## Dataset entries
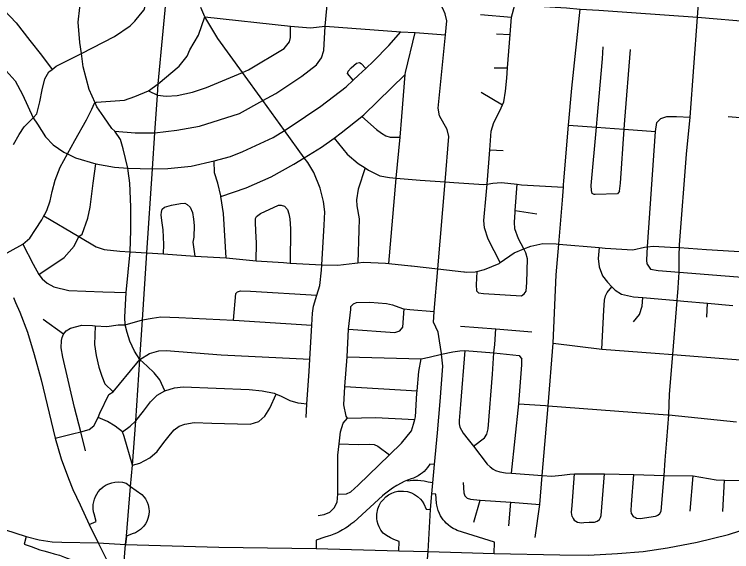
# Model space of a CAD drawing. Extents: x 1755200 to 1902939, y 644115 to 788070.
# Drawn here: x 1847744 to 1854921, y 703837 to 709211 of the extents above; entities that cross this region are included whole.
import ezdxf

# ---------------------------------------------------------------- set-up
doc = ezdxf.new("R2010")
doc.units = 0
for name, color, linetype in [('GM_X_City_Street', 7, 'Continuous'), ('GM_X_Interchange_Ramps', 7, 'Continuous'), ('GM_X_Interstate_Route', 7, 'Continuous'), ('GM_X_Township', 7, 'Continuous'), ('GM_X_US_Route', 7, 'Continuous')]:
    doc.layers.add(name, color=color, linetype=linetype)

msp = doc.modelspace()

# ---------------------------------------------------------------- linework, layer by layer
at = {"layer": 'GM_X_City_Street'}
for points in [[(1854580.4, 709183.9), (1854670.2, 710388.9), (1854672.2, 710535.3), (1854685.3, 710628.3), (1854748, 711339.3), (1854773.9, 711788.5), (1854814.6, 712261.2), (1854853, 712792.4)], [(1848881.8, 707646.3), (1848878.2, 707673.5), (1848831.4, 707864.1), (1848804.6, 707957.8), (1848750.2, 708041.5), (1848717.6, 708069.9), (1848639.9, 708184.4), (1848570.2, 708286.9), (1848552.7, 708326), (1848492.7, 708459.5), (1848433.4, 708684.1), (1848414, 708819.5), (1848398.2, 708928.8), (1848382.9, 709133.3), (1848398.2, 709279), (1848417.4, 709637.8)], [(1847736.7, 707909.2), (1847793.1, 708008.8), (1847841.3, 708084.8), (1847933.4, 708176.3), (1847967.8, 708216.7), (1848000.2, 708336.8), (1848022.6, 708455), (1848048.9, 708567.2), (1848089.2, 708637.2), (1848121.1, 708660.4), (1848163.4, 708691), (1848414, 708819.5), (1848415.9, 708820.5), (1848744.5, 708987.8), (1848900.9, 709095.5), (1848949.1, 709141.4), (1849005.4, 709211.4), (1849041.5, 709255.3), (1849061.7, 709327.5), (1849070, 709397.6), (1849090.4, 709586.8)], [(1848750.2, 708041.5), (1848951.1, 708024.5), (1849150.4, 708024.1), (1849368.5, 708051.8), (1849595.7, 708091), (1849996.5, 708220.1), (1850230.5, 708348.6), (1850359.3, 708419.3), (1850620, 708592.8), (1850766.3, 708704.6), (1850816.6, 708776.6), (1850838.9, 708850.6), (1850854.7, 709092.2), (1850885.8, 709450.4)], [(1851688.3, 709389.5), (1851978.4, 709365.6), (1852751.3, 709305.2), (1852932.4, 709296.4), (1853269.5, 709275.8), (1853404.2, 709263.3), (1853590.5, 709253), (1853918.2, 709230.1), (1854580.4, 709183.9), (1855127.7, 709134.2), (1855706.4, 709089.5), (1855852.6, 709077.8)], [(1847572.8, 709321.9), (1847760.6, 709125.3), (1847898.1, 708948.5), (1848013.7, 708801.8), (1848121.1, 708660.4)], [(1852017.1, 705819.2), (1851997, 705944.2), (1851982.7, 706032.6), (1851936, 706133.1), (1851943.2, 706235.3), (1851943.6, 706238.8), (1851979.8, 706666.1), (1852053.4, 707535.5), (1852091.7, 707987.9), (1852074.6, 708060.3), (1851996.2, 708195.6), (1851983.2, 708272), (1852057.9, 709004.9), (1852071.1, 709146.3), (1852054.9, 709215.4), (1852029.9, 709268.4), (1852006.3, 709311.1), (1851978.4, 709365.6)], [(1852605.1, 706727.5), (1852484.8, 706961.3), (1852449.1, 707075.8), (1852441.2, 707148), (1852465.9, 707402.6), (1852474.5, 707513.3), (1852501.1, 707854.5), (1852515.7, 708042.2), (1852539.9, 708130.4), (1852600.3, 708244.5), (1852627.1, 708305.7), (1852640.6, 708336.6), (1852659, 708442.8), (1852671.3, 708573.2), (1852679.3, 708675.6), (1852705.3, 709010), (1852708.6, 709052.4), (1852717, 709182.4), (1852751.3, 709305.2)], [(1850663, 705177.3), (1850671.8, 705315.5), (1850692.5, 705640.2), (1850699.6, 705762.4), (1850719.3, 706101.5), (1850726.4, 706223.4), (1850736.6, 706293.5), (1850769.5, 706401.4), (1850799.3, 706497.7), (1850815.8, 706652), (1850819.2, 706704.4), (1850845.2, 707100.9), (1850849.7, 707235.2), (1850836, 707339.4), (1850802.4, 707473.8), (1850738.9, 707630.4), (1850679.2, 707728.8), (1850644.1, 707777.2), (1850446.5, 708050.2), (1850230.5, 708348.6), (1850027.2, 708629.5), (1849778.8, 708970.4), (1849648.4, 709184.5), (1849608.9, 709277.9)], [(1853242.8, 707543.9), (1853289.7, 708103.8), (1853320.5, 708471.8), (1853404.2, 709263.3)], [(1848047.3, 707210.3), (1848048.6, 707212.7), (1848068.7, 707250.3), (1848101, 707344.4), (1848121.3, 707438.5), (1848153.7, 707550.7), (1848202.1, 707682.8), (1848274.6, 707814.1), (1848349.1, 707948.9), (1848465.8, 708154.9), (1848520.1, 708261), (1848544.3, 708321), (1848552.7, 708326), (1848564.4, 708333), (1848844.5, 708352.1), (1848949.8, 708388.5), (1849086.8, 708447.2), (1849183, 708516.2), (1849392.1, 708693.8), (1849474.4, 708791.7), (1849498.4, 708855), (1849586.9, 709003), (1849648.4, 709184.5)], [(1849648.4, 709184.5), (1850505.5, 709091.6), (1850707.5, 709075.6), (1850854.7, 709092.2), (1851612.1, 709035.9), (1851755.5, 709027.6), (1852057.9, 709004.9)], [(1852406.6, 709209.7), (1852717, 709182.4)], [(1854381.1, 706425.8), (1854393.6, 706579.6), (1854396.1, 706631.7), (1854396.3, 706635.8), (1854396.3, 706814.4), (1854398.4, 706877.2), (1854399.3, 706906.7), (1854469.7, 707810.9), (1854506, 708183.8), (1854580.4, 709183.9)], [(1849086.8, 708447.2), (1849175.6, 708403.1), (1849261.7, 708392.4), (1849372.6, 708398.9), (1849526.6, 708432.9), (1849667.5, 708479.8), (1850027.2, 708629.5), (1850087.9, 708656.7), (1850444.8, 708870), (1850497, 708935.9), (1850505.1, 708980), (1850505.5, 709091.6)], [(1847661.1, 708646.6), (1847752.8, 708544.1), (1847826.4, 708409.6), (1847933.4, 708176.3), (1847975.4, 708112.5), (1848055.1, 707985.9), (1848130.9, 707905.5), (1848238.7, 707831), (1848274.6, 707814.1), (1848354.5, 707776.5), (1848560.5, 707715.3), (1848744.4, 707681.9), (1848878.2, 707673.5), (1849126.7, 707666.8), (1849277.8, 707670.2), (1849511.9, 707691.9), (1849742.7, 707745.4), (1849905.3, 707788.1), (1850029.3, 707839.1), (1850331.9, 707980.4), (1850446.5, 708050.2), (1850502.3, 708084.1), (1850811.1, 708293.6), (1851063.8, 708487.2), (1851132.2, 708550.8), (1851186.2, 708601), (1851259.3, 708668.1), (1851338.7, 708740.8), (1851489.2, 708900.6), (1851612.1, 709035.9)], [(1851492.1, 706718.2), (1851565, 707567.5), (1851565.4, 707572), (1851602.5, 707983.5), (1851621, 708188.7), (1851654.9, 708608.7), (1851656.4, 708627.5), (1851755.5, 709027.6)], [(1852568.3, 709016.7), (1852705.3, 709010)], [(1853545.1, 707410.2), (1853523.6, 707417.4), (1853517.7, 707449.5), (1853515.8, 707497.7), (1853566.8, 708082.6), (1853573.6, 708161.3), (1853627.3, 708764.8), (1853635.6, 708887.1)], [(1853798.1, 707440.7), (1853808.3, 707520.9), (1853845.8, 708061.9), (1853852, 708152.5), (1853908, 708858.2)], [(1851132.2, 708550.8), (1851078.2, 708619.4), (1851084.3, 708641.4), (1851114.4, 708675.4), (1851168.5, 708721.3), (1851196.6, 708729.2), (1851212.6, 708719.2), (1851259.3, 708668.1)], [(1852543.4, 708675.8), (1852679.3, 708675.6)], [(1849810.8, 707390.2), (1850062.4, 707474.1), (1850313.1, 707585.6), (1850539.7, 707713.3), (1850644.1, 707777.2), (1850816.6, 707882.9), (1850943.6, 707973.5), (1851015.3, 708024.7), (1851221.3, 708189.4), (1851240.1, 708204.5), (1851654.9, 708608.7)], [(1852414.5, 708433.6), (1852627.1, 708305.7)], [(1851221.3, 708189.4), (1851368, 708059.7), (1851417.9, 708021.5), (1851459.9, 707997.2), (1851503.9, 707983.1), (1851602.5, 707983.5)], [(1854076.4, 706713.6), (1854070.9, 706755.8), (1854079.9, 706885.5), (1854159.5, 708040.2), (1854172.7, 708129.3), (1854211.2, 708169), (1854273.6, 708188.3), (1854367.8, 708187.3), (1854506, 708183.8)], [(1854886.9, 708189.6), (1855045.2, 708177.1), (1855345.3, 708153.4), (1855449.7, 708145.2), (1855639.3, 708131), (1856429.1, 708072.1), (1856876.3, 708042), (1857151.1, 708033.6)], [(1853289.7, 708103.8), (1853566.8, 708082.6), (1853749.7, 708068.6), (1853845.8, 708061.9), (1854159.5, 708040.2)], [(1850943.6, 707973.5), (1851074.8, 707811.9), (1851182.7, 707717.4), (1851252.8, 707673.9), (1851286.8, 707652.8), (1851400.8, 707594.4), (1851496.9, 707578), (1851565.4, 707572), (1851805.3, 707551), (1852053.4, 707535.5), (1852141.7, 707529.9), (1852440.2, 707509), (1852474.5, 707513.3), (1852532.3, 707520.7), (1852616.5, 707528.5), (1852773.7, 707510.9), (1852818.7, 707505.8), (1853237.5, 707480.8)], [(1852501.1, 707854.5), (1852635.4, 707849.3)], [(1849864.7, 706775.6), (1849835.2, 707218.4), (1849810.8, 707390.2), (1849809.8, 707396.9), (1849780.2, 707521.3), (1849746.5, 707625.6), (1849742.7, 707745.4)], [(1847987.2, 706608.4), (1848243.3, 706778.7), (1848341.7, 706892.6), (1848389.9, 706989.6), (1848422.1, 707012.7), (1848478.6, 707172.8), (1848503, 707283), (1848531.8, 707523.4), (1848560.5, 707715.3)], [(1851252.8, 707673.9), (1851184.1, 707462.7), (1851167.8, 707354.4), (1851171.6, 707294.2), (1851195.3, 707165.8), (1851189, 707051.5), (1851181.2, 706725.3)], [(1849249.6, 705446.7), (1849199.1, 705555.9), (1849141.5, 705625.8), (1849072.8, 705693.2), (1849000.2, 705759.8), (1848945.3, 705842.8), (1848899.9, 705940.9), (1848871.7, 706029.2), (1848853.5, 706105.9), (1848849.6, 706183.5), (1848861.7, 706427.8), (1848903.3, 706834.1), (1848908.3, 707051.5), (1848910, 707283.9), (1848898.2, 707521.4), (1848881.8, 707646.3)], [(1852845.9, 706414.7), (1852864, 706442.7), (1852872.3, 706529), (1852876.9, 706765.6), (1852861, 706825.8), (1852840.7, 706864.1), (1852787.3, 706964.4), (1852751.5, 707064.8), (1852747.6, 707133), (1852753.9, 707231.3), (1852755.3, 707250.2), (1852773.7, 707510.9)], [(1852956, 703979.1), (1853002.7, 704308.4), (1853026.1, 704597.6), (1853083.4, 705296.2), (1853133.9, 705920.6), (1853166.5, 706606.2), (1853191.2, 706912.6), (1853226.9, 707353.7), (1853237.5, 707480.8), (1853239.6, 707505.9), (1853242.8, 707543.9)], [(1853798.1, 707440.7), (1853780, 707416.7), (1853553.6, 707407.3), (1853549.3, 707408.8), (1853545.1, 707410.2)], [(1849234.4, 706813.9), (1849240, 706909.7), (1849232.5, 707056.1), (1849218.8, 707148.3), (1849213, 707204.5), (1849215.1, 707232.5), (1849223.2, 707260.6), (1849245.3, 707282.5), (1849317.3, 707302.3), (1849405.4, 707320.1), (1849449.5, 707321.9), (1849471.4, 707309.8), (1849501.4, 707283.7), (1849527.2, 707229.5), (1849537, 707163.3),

## Task to carry out
Look through the records above for the word "color". Report how many lines contain it, as a bare number.

## Solution to the problem
2